DATA SECTION START
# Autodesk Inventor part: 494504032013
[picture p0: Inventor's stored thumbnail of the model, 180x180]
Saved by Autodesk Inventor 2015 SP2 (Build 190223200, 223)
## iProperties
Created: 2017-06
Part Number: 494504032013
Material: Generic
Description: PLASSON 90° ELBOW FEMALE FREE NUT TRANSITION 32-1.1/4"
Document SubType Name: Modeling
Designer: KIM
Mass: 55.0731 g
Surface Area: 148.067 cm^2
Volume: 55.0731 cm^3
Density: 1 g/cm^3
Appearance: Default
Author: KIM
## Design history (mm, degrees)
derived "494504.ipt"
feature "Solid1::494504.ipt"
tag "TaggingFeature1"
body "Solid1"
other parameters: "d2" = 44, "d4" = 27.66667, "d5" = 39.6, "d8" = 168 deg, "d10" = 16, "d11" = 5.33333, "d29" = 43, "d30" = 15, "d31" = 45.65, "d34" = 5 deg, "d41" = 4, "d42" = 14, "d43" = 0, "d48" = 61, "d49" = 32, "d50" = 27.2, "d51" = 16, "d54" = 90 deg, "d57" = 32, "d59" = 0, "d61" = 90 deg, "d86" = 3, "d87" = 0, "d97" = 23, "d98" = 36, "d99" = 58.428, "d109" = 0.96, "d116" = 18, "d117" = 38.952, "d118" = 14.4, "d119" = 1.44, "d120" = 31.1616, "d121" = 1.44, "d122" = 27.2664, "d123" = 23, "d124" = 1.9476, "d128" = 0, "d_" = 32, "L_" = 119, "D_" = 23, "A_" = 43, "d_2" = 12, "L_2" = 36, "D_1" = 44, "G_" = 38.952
DATA SECTION END
AIM OF THE TASK:
The lines to return are those in the entries above that include "Autodesk".

PROBLEM SOLUTION:
# Autodesk Inventor part: 494504032013
Saved by Autodesk Inventor 2015 SP2 (Build 190223200, 223)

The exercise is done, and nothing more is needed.